_To do_: Nothing but text lines should be duplicated: start with the first line of the listing below and stop after the line holding "doc.units = 0", omitting pictures.

⟨

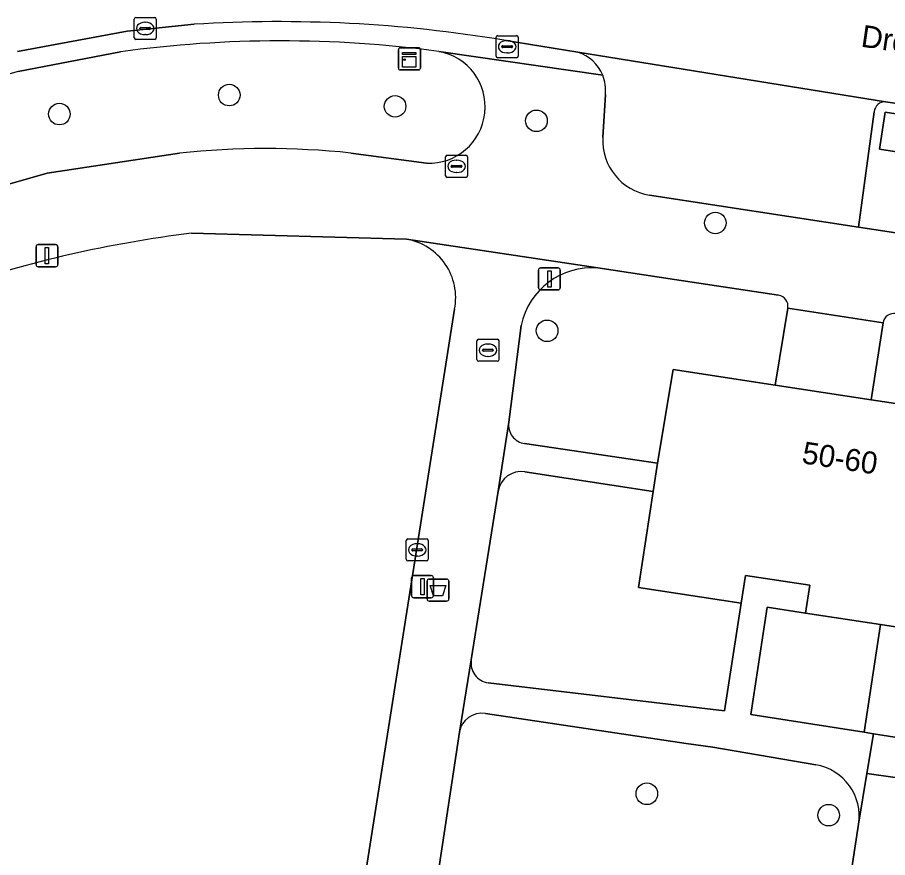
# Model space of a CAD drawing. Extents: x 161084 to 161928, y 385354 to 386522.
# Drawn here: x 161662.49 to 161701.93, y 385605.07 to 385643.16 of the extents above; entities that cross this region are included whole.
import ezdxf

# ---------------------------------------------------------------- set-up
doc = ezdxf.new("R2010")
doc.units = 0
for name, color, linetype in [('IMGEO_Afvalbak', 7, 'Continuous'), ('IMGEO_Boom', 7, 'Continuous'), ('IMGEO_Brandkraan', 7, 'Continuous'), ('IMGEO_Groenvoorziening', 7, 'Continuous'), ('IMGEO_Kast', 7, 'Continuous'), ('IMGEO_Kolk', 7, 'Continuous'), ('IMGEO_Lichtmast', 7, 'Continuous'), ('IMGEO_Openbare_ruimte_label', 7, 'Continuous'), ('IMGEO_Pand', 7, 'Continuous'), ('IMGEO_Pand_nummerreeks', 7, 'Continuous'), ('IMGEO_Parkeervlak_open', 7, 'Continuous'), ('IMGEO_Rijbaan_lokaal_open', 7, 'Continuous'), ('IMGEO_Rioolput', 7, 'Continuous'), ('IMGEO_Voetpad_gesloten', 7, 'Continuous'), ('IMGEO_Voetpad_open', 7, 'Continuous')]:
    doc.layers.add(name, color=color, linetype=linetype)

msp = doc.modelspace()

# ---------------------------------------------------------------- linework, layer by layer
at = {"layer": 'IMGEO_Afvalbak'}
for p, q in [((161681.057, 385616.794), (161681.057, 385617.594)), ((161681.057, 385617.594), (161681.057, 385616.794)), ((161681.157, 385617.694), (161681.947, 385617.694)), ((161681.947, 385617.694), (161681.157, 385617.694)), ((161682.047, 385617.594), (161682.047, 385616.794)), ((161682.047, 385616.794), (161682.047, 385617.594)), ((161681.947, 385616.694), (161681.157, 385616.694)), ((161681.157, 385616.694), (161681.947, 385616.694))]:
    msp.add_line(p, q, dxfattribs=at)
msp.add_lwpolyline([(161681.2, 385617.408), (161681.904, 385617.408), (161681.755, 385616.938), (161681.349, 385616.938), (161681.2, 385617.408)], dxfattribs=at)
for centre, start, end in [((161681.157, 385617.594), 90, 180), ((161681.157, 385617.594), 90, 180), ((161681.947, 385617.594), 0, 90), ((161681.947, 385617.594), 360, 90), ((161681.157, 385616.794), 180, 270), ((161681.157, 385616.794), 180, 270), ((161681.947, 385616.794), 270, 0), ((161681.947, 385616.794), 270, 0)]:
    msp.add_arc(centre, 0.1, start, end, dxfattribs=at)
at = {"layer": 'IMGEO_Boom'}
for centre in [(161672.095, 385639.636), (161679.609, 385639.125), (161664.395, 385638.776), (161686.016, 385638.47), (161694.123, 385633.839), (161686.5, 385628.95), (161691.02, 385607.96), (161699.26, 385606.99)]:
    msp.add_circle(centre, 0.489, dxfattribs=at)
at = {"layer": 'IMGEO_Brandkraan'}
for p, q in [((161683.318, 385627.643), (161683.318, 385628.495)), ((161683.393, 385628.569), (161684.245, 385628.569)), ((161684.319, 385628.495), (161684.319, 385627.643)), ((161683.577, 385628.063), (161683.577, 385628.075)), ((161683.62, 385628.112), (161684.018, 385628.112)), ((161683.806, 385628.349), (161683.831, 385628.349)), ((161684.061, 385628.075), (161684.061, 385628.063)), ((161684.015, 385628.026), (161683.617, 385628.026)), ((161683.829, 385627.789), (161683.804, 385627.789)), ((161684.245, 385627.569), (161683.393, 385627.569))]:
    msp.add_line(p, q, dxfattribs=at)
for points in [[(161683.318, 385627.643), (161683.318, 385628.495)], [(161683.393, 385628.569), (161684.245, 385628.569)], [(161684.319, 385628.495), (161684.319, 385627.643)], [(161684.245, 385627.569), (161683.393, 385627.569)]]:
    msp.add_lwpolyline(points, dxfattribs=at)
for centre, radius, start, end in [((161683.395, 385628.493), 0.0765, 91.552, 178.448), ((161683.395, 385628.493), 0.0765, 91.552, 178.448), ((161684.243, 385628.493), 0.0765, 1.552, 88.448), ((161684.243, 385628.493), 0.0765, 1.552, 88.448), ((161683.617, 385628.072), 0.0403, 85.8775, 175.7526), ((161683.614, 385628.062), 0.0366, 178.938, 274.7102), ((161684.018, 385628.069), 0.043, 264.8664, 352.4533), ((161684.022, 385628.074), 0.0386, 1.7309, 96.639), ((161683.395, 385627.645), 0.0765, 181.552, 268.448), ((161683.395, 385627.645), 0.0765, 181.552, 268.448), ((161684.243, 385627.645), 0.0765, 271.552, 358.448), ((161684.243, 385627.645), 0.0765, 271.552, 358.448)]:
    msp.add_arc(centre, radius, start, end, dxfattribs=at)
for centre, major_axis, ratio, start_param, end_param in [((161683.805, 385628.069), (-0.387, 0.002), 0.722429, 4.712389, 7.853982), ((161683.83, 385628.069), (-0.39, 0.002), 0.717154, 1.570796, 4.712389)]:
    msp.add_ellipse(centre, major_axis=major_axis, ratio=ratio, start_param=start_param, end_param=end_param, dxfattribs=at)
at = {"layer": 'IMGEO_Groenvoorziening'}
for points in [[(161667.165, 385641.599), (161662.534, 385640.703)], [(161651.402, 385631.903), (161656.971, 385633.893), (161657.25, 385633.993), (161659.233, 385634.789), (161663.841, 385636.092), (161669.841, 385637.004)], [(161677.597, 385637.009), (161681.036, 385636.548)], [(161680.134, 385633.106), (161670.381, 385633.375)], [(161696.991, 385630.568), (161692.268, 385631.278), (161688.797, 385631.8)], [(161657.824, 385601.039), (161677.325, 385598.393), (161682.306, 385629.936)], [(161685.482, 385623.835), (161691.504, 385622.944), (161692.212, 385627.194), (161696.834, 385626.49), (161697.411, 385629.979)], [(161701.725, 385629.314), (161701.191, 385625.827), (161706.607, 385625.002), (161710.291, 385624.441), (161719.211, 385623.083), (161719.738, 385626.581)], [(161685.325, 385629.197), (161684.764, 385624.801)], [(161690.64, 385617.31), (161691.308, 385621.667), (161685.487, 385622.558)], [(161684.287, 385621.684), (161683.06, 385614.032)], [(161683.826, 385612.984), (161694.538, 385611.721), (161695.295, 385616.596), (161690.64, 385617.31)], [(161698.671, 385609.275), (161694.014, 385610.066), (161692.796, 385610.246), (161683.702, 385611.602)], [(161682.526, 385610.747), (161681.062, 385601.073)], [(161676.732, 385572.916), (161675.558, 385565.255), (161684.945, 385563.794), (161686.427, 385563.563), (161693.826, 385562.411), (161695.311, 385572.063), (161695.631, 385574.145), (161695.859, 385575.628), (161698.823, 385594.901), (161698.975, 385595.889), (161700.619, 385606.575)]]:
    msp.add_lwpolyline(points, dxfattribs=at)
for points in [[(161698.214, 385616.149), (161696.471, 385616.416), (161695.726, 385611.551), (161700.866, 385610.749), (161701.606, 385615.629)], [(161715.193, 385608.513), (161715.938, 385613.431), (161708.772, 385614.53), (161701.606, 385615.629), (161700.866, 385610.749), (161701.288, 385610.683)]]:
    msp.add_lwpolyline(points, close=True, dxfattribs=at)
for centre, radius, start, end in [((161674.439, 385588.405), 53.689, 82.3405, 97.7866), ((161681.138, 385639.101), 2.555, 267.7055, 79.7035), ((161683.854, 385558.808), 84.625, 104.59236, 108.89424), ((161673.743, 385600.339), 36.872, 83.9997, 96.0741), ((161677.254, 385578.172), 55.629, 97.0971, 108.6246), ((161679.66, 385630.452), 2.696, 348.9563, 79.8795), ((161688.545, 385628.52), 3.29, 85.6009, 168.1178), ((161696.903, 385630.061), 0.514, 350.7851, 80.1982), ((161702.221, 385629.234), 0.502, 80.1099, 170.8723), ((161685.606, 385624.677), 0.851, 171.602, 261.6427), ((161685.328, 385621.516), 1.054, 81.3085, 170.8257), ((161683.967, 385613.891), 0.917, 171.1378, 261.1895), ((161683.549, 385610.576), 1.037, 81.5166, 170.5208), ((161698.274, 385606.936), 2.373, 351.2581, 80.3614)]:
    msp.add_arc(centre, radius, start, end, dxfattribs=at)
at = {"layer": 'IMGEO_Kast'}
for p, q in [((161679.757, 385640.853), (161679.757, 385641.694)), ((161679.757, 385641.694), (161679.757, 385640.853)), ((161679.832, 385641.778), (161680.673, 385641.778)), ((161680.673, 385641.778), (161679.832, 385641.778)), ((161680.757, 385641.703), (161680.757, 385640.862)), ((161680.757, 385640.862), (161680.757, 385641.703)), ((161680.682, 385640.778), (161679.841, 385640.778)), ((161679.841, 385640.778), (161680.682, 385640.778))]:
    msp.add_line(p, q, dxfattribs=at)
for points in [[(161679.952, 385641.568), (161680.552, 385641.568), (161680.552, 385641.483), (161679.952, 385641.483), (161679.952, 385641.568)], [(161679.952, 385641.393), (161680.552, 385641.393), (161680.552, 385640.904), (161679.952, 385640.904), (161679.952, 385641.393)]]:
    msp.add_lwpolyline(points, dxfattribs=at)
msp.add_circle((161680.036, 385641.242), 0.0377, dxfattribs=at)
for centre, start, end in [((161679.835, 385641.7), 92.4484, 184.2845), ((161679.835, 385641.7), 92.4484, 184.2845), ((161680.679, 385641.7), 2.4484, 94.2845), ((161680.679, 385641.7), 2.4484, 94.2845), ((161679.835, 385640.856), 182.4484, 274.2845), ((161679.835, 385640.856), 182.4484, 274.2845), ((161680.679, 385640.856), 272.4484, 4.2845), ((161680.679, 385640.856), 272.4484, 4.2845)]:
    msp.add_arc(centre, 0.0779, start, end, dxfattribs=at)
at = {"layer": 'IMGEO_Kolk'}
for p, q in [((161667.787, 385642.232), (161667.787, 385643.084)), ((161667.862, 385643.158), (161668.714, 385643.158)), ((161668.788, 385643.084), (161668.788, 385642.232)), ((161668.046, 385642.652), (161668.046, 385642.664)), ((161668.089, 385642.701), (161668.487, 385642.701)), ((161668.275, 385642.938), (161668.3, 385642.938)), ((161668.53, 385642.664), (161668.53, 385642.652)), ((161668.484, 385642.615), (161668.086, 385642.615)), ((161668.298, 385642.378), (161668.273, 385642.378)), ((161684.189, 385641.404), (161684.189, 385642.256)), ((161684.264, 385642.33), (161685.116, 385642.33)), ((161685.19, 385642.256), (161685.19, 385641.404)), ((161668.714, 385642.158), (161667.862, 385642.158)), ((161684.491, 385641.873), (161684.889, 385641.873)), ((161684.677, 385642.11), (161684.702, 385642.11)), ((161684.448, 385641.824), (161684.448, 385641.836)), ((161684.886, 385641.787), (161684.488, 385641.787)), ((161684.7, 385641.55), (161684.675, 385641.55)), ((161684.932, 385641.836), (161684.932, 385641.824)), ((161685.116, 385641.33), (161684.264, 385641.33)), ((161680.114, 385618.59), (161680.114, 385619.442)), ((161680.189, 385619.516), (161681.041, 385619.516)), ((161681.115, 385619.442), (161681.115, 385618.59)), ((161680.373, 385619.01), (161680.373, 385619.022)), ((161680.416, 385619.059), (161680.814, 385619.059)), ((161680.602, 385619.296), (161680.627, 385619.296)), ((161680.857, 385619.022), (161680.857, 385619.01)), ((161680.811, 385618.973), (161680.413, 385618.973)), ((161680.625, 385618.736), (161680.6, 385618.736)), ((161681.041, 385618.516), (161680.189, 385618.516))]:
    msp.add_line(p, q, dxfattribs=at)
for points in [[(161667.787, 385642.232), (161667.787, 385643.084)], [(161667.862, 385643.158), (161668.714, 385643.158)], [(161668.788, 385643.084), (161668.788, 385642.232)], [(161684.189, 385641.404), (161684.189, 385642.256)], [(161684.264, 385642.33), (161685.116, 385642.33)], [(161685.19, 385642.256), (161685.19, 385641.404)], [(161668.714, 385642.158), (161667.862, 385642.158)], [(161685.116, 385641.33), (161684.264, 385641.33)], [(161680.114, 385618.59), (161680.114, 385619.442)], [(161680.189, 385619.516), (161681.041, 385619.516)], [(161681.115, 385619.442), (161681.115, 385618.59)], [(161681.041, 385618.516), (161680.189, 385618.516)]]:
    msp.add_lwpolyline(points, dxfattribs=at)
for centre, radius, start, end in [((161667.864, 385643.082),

⟩

_Finished exercise_:
# Model space of a CAD drawing. Extents: x 161084 to 161928, y 385354 to 386522.
# Drawn here: x 161662.49 to 161701.93, y 385605.07 to 385643.16 of the extents above; entities that cross this region are included whole.
import ezdxf

# ---------------------------------------------------------------- set-up
doc = ezdxf.new("R2010")
doc.units = 0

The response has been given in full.